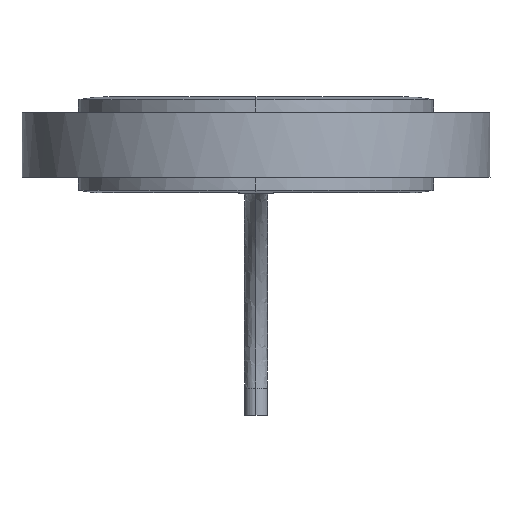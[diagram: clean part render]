
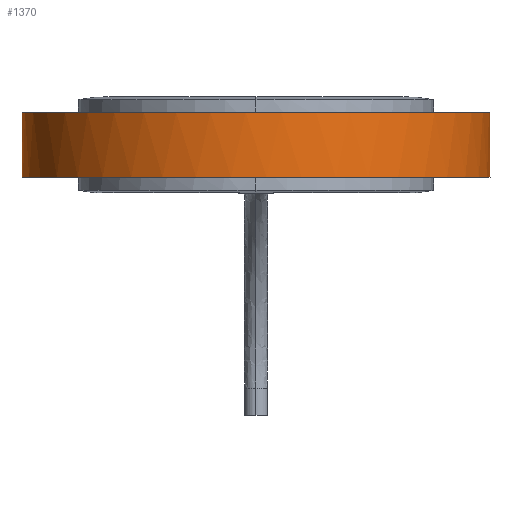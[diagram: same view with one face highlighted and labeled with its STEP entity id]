
A CAD part, front view. The second image highlights one B-rep face of the part: STEP entity #1370.
In plain terms, the highlighted free-form (B-spline) face has degree [11, 1] with [12, 2] control points.
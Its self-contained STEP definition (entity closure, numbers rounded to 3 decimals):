
#88 = CARTESIAN_POINT ( 'NONE',  ( -38.209, -29.105, -4.368 ) ) ;
#110 = CARTESIAN_POINT ( 'NONE',  ( -18.028, 29.784, 4.368 ) ) ;
#203 = CARTESIAN_POINT ( 'NONE',  ( -35.641, 15.309, 4.2 ) ) ;
#299 = CARTESIAN_POINT ( 'NONE',  ( -42.525, -5.68, -4.2 ) ) ;
#341 = CARTESIAN_POINT ( 'NONE',  ( -14.292, -46.498, -4.2 ) ) ;
#402 = CARTESIAN_POINT ( 'NONE',  ( 4.5, 29.964, -4.2 ) ) ;
#476 = ORIENTED_EDGE ( 'NONE', *, *, #757, .T. ) ;
#510 = VECTOR ( 'NONE', #3540, 1000. ) ;
#613 = EDGE_CURVE ( 'NONE', #2774, #1779, #1796, .T. ) ;
#745 = DIRECTION ( 'NONE',  ( 0., 0., 1. ) ) ;
#750 = EDGE_LOOP ( 'NONE', ( #3083, #1175, #760, #476 ) ) ;
#757 = EDGE_CURVE ( 'NONE', #1779, #4218, #2416, .T. ) ;
#760 = ORIENTED_EDGE ( 'NONE', *, *, #613, .T. ) ;
#775 = CARTESIAN_POINT ( 'NONE',  ( 43.987, -3.034, 4.368 ) ) ;
#799 = CARTESIAN_POINT ( 'NONE',  ( 18.028, 29.784, -4.368 ) ) ;
#841 = CARTESIAN_POINT ( 'NONE',  ( 35.691, -29.571, 4.2 ) ) ;
#848 = CARTESIAN_POINT ( 'NONE',  ( 38.211, -29.039, 4.368 ) ) ;
#913 = CARTESIAN_POINT ( 'NONE',  ( 14.291, -46.568, 4.2 ) ) ;
#937 = EDGE_CURVE ( 'NONE', #4306, #2774, #3254, .T. ) ;
#999 = CARTESIAN_POINT ( 'NONE',  ( -4.5, 29.964, 0. ) ) ;
#1155 = CARTESIAN_POINT ( 'NONE',  ( 34.853, 18.613, -4.368 ) ) ;
#1175 = ORIENTED_EDGE ( 'NONE', *, *, #937, .T. ) ;
#1223 = CARTESIAN_POINT ( 'NONE',  ( 4.5, 29.964, 4.2 ) ) ;
#1236 = CARTESIAN_POINT ( 'NONE',  ( 4.5, 29.964, 4.2 ) ) ;
#1370 = ADVANCED_FACE ( 'NONE', ( #3415 ), #1515, .T. ) ;
#1472 = CARTESIAN_POINT ( 'NONE',  ( -20.803, 27.516, -4.2 ) ) ;
#1515 = B_SPLINE_SURFACE_WITH_KNOTS ( 'NONE', 11, 1, ( 
 ( #4070, #2582 ),
 ( #3723, #799 ),
 ( #2230, #1155 ),
 ( #775, #1918 ),
 ( #848, #3743 ),
 ( #4094, #3365 ),
 ( #3341, #2257 ),
 ( #2672, #88 ),
 ( #3673, #3317 ),
 ( #2957, #1581 ),
 ( #110, #3003 ),
 ( #4390, #2603 ) ),
 .UNSPECIFIED., .F., .F., .F.,
 ( 12, 12 ),
 ( 2, 2 ),
 ( -3.112, 3.112 ),
 ( 0.252, 8.988 ),
 .UNSPECIFIED. ) ;
#1581 = CARTESIAN_POINT ( 'NONE',  ( -34.853, 18.613, -4.368 ) ) ;
#1746 = CARTESIAN_POINT ( 'NONE',  ( 4.5, 29.964, -4.2 ) ) ;
#1773 = CARTESIAN_POINT ( 'NONE',  ( 4.5, 29.964, -4.2 ) ) ;
#1779 = VERTEX_POINT ( 'NONE', #1236 ) ;
#1796 = LINE ( 'NONE', #1773, #3238 ) ;
#1814 = CARTESIAN_POINT ( 'NONE',  ( 20.803, 27.515, -4.2 ) ) ;
#1918 = CARTESIAN_POINT ( 'NONE',  ( 43.987, -3.034, -4.368 ) ) ;
#2014 = EDGE_CURVE ( 'NONE', #4218, #4306, #4242, .T. ) ;
#2109 = CARTESIAN_POINT ( 'NONE',  ( -35.69, -29.613, 4.2 ) ) ;
#2230 = CARTESIAN_POINT ( 'NONE',  ( 34.853, 18.613, 4.368 ) ) ;
#2257 = CARTESIAN_POINT ( 'NONE',  ( -15.657, -48.252, -4.368 ) ) ;
#2374 = CARTESIAN_POINT ( 'NONE',  ( -4.5, 29.964, 4.2 ) ) ;
#2416 = B_SPLINE_CURVE_WITH_KNOTS ( 'NONE', 11,
 ( #1223, #2643, #4086, #2667, #841, #913, #4526, #2109, #3147, #203, #3505, #2374 ),
 .UNSPECIFIED., .F., .F.,
 ( 12, 12 ),
 ( 0., 0.181 ),
 .UNSPECIFIED. ) ;
#2531 = CARTESIAN_POINT ( 'NONE',  ( 42.525, -5.69, -4.2 ) ) ;
#2582 = CARTESIAN_POINT ( 'NONE',  ( 0.89, 30.287, -4.368 ) ) ;
#2603 = CARTESIAN_POINT ( 'NONE',  ( -0.89, 30.287, -4.368 ) ) ;
#2643 = CARTESIAN_POINT ( 'NONE',  ( 20.803, 27.515, 4.2 ) ) ;
#2667 = CARTESIAN_POINT ( 'NONE',  ( 42.525, -5.69, 4.2 ) ) ;
#2672 = CARTESIAN_POINT ( 'NONE',  ( -38.209, -29.105, 4.368 ) ) ;
#2774 = VERTEX_POINT ( 'NONE', #402 ) ;
#2880 = CARTESIAN_POINT ( 'NONE',  ( 14.291, -46.568, -4.2 ) ) ;
#2920 = CARTESIAN_POINT ( 'NONE',  ( -35.69, -29.613, -4.2 ) ) ;
#2957 = CARTESIAN_POINT ( 'NONE',  ( -34.853, 18.613, 4.368 ) ) ;
#3003 = CARTESIAN_POINT ( 'NONE',  ( -18.028, 29.784, -4.368 ) ) ;
#3083 = ORIENTED_EDGE ( 'NONE', *, *, #2014, .T. ) ;
#3147 = CARTESIAN_POINT ( 'NONE',  ( -42.525, -5.68, 4.2 ) ) ;
#3238 = VECTOR ( 'NONE', #745, 1000. ) ;
#3254 = B_SPLINE_CURVE_WITH_KNOTS ( 'NONE', 11,
 ( #3553, #1472, #3596, #299, #2920, #341, #2880, #4319, #2531, #3971, #1814, #1746 ),
 .UNSPECIFIED., .F., .F.,
 ( 12, 12 ),
 ( 0., 0.181 ),
 .UNSPECIFIED. ) ;
#3317 = CARTESIAN_POINT ( 'NONE',  ( -43.988, -3.013, -4.368 ) ) ;
#3341 = CARTESIAN_POINT ( 'NONE',  ( -15.657, -48.252, 4.368 ) ) ;
#3365 = CARTESIAN_POINT ( 'NONE',  ( 15.656, -48.355, -4.368 ) ) ;
#3415 = FACE_OUTER_BOUND ( 'NONE', #750, .T. ) ;
#3505 = CARTESIAN_POINT ( 'NONE',  ( -20.803, 27.516, 4.2 ) ) ;
#3540 = DIRECTION ( 'NONE',  ( 0., 0., -1. ) ) ;
#3553 = CARTESIAN_POINT ( 'NONE',  ( -4.5, 29.964, -4.2 ) ) ;
#3596 = CARTESIAN_POINT ( 'NONE',  ( -35.641, 15.309, -4.2 ) ) ;
#3673 = CARTESIAN_POINT ( 'NONE',  ( -43.988, -3.013, 4.368 ) ) ;
#3723 = CARTESIAN_POINT ( 'NONE',  ( 18.028, 29.784, 4.368 ) ) ;
#3743 = CARTESIAN_POINT ( 'NONE',  ( 38.211, -29.039, -4.368 ) ) ;
#3971 = CARTESIAN_POINT ( 'NONE',  ( 35.641, 15.307, -4.2 ) ) ;
#4070 = CARTESIAN_POINT ( 'NONE',  ( 0.89, 30.287, 4.368 ) ) ;
#4086 = CARTESIAN_POINT ( 'NONE',  ( 35.641, 15.307, 4.2 ) ) ;
#4094 = CARTESIAN_POINT ( 'NONE',  ( 15.656, -48.355, 4.368 ) ) ;
#4215 = CARTESIAN_POINT ( 'NONE',  ( -4.5, 29.964, 4.2 ) ) ;
#4218 = VERTEX_POINT ( 'NONE', #4215 ) ;
#4238 = CARTESIAN_POINT ( 'NONE',  ( -4.5, 29.964, -4.2 ) ) ;
#4242 = LINE ( 'NONE', #999, #510 ) ;
#4306 = VERTEX_POINT ( 'NONE', #4238 ) ;
#4319 = CARTESIAN_POINT ( 'NONE',  ( 35.691, -29.571, -4.2 ) ) ;
#4390 = CARTESIAN_POINT ( 'NONE',  ( -0.89, 30.287, 4.368 ) ) ;
#4526 = CARTESIAN_POINT ( 'NONE',  ( -14.292, -46.498, 4.2 ) ) ;

##########

PROBLEM DESCRIPTION
From the records above, copy only the lines starting with the line that holds "#3723 = CARTESIAN_POINT" and going on through the line that holds "#4086 = CARTESIAN_POINT", exactly as written.

EXERCISE SOLUTION
#3723 = CARTESIAN_POINT ( 'NONE',  ( 18.028, 29.784, 4.368 ) ) ;
#3743 = CARTESIAN_POINT ( 'NONE',  ( 38.211, -29.039, -4.368 ) ) ;
#3971 = CARTESIAN_POINT ( 'NONE',  ( 35.641, 15.307, -4.2 ) ) ;
#4070 = CARTESIAN_POINT ( 'NONE',  ( 0.89, 30.287, 4.368 ) ) ;
#4086 = CARTESIAN_POINT ( 'NONE',  ( 35.641, 15.307, 4.2 ) ) ;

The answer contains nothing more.